Available data:
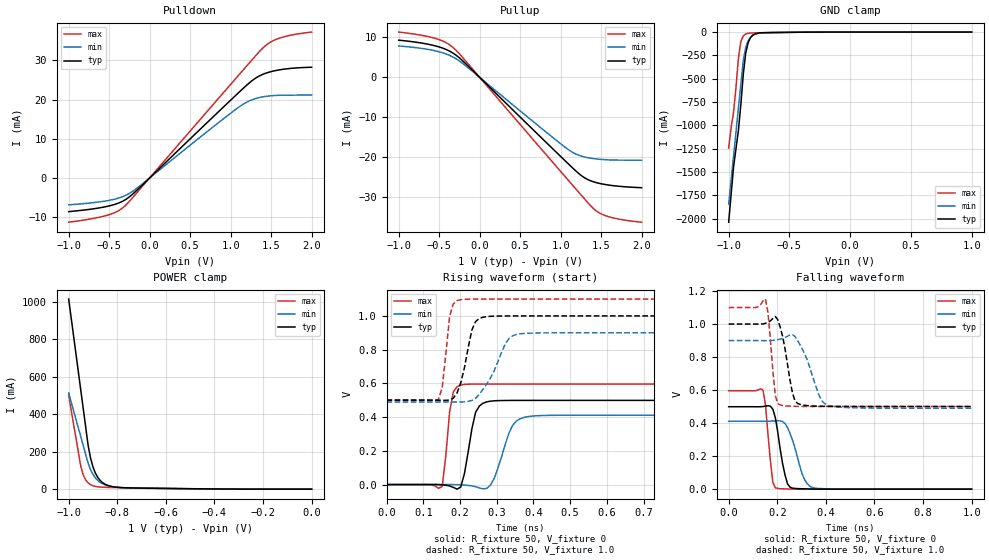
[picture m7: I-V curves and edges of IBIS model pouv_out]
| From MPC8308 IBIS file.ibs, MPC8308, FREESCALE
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[Model]   pouv_out
Model_type 3-state
Enable Active-High
Polarity Non-Inverting
Vmeas=0.5
C_comp   857fF   831fF   883fF
[Temperature Range] 65   125   -40
[Voltage Range]   1.0   0.9   1.1
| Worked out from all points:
|   slope of the pulldown table from 0 to 0.15 V, typ, clamps not added: 50 ohm
|   slope of the pullup table from 0 to 0.15 V, typ, clamps not added: 50 ohm
|   GND clamp passes 1 mA (typ) near -0.36 V on its own axis
|   POWER clamp passes 1 mA (typ) near -0.38 V on its own axis
|   falling waveform, R_fixture 50, V_fixture 0: 20-80 % time 34.1ps typ, 50.7ps min, 22.3ps max; typ from 0.499 V to 0 V
|   falling waveform, R_fixture 50, V_fixture 1.0: 20-80 % time 34.8ps typ, 58ps min, 21.1ps max; typ from 1 V to 0.501 V
|   rising waveform, R_fixture 50, V_fixture 0: 20-80 % time 24.6ps typ, 37.7ps min, 17ps max; typ from 0 V to 0.499 V
|   rising waveform, R_fixture 50, V_fixture 1.0: 20-80 % time 29.2ps typ, 55ps min, 17.1ps max; typ from 0.501 V to 1 V
[Pullup]
-1V       9.32mA     7.87mA     11.35mA
-580mV    8.054mA    6.783mA    9.944mA
-450mV    7.278mA    6.108mA    9.045mA
-360mV    6.449mA    5.398mA    7.994mA
-180mV    3.58mA     3.017mA    4.268mA
1.09V     -21.61mA   -18.06mA   -25.71mA
1.18V     -23.34mA   -19.16mA   -27.82mA
1.27V     -24.86mA   -19.85mA   -29.93mA
1.39V     -26.11mA   -20.35mA   -32.63mA
1.48V     -26.62mA   -20.56mA   -34.04mA
1.58V     -26.99mA   -20.7mA    -34.89mA
2V        -27.69mA   -20.81mA   -36.35mA
[Pulldown]
-1V       -8.604mA   -6.862mA   -11.3mA
-550mV    -7.37mA    -5.9mA     -9.672mA
-420mV    -6.681mA   -5.355mA   -8.745mA
-330mV    -5.912mA   -4.76mA    -7.601mA
-240mV    -4.669mA   -3.824mA   -5.731mA
-150mV    -2.993mA   -2.499mA   -3.592mA
1.09V     21.61mA    17.92mA    26.02mA
1.27V     24.92mA    20.01mA    30.29mA
1.42V     26.64mA    20.78mA    33.58mA
1.52V     27.26mA    21.02mA    34.99mA
1.64V     27.72mA    21.11mA    35.93mA
2V        28.26mA    21.19mA    37.24mA
[GND Clamp]
-1V       -2.039A    -1.845A    -1.243A
-980mV    -1.743A    -1.588A    -1.027A
-960mV    -1.448A    -1.331A    -861.2mA
-940mV    -1.252A    -1.075A    -596.4mA
-920mV    -1.057A    -818.1mA   -280.9mA
-900mV    -781.5mA   -561.4mA   -103.4mA
-880mV    -456mA     -304.7mA   -42.05mA
-860mV    -228.1mA   -166.9mA   -20.69mA
-840mV    -113.8mA   -92.92mA   -13.07mA
-800mV    -32.13mA   -31.58mA   -8.914mA
-620mV    -4.646mA   -4.49mA    -4.844mA
1V        410.4nA    7.402uA    123.8nA
[POWER Clamp]
-1V       1.014A     513.2mA    500.1mA
-950mV    526.8mA    279.3mA    120.9mA
-940mV    429.3mA    232.5mA    75.94mA
-930mV    331.9mA    185.7mA    49.26mA
-920mV    234.4mA    138.9mA    33.39mA
-910mV    166.3mA    104.4mA    23.92mA
-900mV    118.7mA    78.91mA    18.22mA
-880mV    62.11mA    46.13mA    12.63mA
-860mV    34.35mA    28.17mA    10.4mA
-820mV    13.77mA    12.73mA    8.711mA
-760mV    7.252mA    6.614mA    7.358mA
0V        410.4nA    144.6nA    131.1nA
[Falling Waveform]
R_fixture=50
V_fixture=0
V_fixture_min=0
V_fixture_max=0
0s        499.3mV    411.4mV    596.2mV
141.4ps   500.4mV    411.2mV    599.7mV
151.5ps   503.1mV    411.3mV    510.8mV
181.8ps   484.8mV    412.6mV    41.2mV
191.9ps   433.7mV    413.6mV    8.419mV
232.3ps   83.75mV    396.7mV    1.591mV
262.6ps   6.25mV     297.2mV    584.4uV
313.1ps   1.797mV    56.86mV    89.23uV
353.5ps   753.7uV    6.227mV    20.52uV
1ns       1.739uV    3.818uV    2.896uV
[Falling Waveform]
R_fixture=50
V_fixture=1.0
V_fixture_min=0.9
V_fixture_max=1.1
0s        1V         900mV      1.1V
151.5ps   1.005V     899.6mV    1.151V
161.6ps   1.011V     899.6mV    1.071V
191.9ps   1.046V     902.5mV    567.2mV
212.1ps   981mV      908.5mV    510.2mV
262.6ps   582mV      935.8mV    502.1mV
282.8ps   519.9mV    902.9mV    501.4mV
373.7ps   502.2mV    563.3mV    500.8mV
404ps     501.4mV    511.2mV    500.8mV
1ns       500.6mV    490.1mV    500.8mV
[Rising Waveform]
R_fixture=50
V_fixture=0
V_fixture_min=0
V_fixture_max=0
0s        1.736uV    3.698uV    2.896uV
151.5ps   -1.524mV   243.6uV    -11.36mV
171.7ps   -7.963mV   169.5uV    431.2mV
181.8ps   -16.5mV    -157uV     550.5mV
202ps     -14.52mV   -1.704mV   590.5mV
242.4ps   428.3mV    -12.81mV   596mV
272.7ps   490.5mV    -22.4mV    596.2mV
343.4ps   499.1mV    351.9mV    596.2mV
373.7ps   499.2mV    397.9mV    596.2mV
1ns       499.2mV    411.4mV    596.2mV
[Rising Waveform]
R_fixture=50
V_fixture=1.0
V_fixture_min=0.9
V_fixture_max=1.1
0s        500.6mV    490.1mV    500.8mV
141.4ps   500.2mV    490.2mV    505mV
151.5ps   499.6mV    490.1mV    575.4mV
171.7ps   501.3mV    489.9mV    997.8mV
191.9ps   543.2mV    489.5mV    1.091V
232.3ps   917.1mV    498.8mV    1.1V
262.6ps   992.3mV    564.9mV    1.1V
323.2ps   999.7mV    834.1mV    1.1V
353.5ps   999.9mV    890mV      1.1V
1ns       1V         900mV      1.1V
[Ramp]
R_load=50
dV/dt_r   2.995E-1/2.350E-11   2.468E-1/3.722E-11   3.577E-1/1.492E-11
dV/dt_f   2.996E-1/3.430E-11   2.460E-1/5.769E-11   3.595E-1/1.996E-11
|[End   pouv_out

Your goal:
Each record above, in full: return it exactly, pictures excluded.

Written reply:
[picture m7: I-V curves and edges of IBIS model pouv_out]
| From MPC8308 IBIS file.ibs, MPC8308, FREESCALE
[Model]   pouv_out
Model_type 3-state
Enable Active-High
Polarity Non-Inverting
Vmeas=0.5
C_comp   857fF   831fF   883fF
[Temperature Range] 65   125   -40
[Voltage Range]   1.0   0.9   1.1
| Worked out from all points:
|   slope of the pulldown table from 0 to 0.15 V, typ, clamps not added: 50 ohm
|   slope of the pullup table from 0 to 0.15 V, typ, clamps not added: 50 ohm
|   GND clamp passes 1 mA (typ) near -0.36 V on its own axis
|   POWER clamp passes 1 mA (typ) near -0.38 V on its own axis
|   falling waveform, R_fixture 50, V_fixture 0: 20-80 % time 34.1ps typ, 50.7ps min, 22.3ps max; typ from 0.499 V to 0 V
|   falling waveform, R_fixture 50, V_fixture 1.0: 20-80 % time 34.8ps typ, 58ps min, 21.1ps max; typ from 1 V to 0.501 V
|   rising waveform, R_fixture 50, V_fixture 0: 20-80 % time 24.6ps typ, 37.7ps min, 17ps max; typ from 0 V to 0.499 V
|   rising waveform, R_fixture 50, V_fixture 1.0: 20-80 % time 29.2ps typ, 55ps min, 17.1ps max; typ from 0.501 V to 1 V
[Pullup]
-1V       9.32mA     7.87mA     11.35mA
-580mV    8.054mA    6.783mA    9.944mA
-450mV    7.278mA    6.108mA    9.045mA
-360mV    6.449mA    5.398mA    7.994mA
-180mV    3.58mA     3.017mA    4.268mA
1.09V     -21.61mA   -18.06mA   -25.71mA
1.18V     -23.34mA   -19.16mA   -27.82mA
1.27V     -24.86mA   -19.85mA   -29.93mA
1.39V     -26.11mA   -20.35mA   -32.63mA
1.48V     -26.62mA   -20.56mA   -34.04mA
1.58V     -26.99mA   -20.7mA    -34.89mA
2V        -27.69mA   -20.81mA   -36.35mA
[Pulldown]
-1V       -8.604mA   -6.862mA   -11.3mA
-550mV    -7.37mA    -5.9mA     -9.672mA
-420mV    -6.681mA   -5.355mA   -8.745mA
-330mV    -5.912mA   -4.76mA    -7.601mA
-240mV    -4.669mA   -3.824mA   -5.731mA
-150mV    -2.993mA   -2.499mA   -3.592mA
1.09V     21.61mA    17.92mA    26.02mA
1.27V     24.92mA    20.01mA    30.29mA
1.42V     26.64mA    20.78mA    33.58mA
1.52V     27.26mA    21.02mA    34.99mA
1.64V     27.72mA    21.11mA    35.93mA
2V        28.26mA    21.19mA    37.24mA
[GND Clamp]
-1V       -2.039A    -1.845A    -1.243A
-980mV    -1.743A    -1.588A    -1.027A
-960mV    -1.448A    -1.331A    -861.2mA
-940mV    -1.252A    -1.075A    -596.4mA
-920mV    -1.057A    -818.1mA   -280.9mA
-900mV    -781.5mA   -561.4mA   -103.4mA
-880mV    -456mA     -304.7mA   -42.05mA
-860mV    -228.1mA   -166.9mA   -20.69mA
-840mV    -113.8mA   -92.92mA   -13.07mA
-800mV    -32.13mA   -31.58mA   -8.914mA
-620mV    -4.646mA   -4.49mA    -4.844mA
1V        410.4nA    7.402uA    123.8nA
[POWER Clamp]
-1V       1.014A     513.2mA    500.1mA
-950mV    526.8mA    279.3mA    120.9mA
-940mV    429.3mA    232.5mA    75.94mA
-930mV    331.9mA    185.7mA    49.26mA
-920mV    234.4mA    138.9mA    33.39mA
-910mV    166.3mA    104.4mA    23.92mA
-900mV    118.7mA    78.91mA    18.22mA
-880mV    62.11mA    46.13mA    12.63mA
-860mV    34.35mA    28.17mA    10.4mA
-820mV    13.77mA    12.73mA    8.711mA
-760mV    7.252mA    6.614mA    7.358mA
0V        410.4nA    144.6nA    131.1nA
[Falling Waveform]
R_fixture=50
V_fixture=0
V_fixture_min=0
V_fixture_max=0
0s        499.3mV    411.4mV    596.2mV
141.4ps   500.4mV    411.2mV    599.7mV
151.5ps   503.1mV    411.3mV    510.8mV
181.8ps   484.8mV    412.6mV    41.2mV
191.9ps   433.7mV    413.6mV    8.419mV
232.3ps   83.75mV    396.7mV    1.591mV
262.6ps   6.25mV     297.2mV    584.4uV
313.1ps   1.797mV    56.86mV    89.23uV
353.5ps   753.7uV    6.227mV    20.52uV
1ns       1.739uV    3.818uV    2.896uV
[Falling Waveform]
R_fixture=50
V_fixture=1.0
V_fixture_min=0.9
V_fixture_max=1.1
0s        1V         900mV      1.1V
151.5ps   1.005V     899.6mV    1.151V
161.6ps   1.011V     899.6mV    1.071V
191.9ps   1.046V     902.5mV    567.2mV
212.1ps   981mV      908.5mV    510.2mV
262.6ps   582mV      935.8mV    502.1mV
282.8ps   519.9mV    902.9mV    501.4mV
373.7ps   502.2mV    563.3mV    500.8mV
404ps     501.4mV    511.2mV    500.8mV
1ns       500.6mV    490.1mV    500.8mV
[Rising Waveform]
R_fixture=50
V_fixture=0
V_fixture_min=0
V_fixture_max=0
0s        1.736uV    3.698uV    2.896uV
151.5ps   -1.524mV   243.6uV    -11.36mV
171.7ps   -7.963mV   169.5uV    431.2mV
181.8ps   -16.5mV    -157uV     550.5mV
202ps     -14.52mV   -1.704mV   590.5mV
242.4ps   428.3mV    -12.81mV   596mV
272.7ps   490.5mV    -22.4mV    596.2mV
343.4ps   499.1mV    351.9mV    596.2mV
373.7ps   499.2mV    397.9mV    596.2mV
1ns       499.2mV    411.4mV    596.2mV
[Rising Waveform]
R_fixture=50
V_fixture=1.0
V_fixture_min=0.9
V_fixture_max=1.1
0s        500.6mV    490.1mV    500.8mV
141.4ps   500.2mV    490.2mV    505mV
151.5ps   499.6mV    490.1mV    575.4mV
171.7ps   501.3mV    489.9mV    997.8mV
191.9ps   543.2mV    489.5mV    1.091V
232.3ps   917.1mV    498.8mV    1.1V
262.6ps   992.3mV    564.9mV    1.1V
323.2ps   999.7mV    834.1mV    1.1V
353.5ps   999.9mV    890mV      1.1V
1ns       1V         900mV      1.1V
[Ramp]
R_load=50
dV/dt_r   2.995E-1/2.350E-11   2.468E-1/3.722E-11   3.577E-1/1.492E-11
dV/dt_f   2.996E-1/3.430E-11   2.460E-1/5.769E-11   3.595E-1/1.996E-11
|[End   pouv_out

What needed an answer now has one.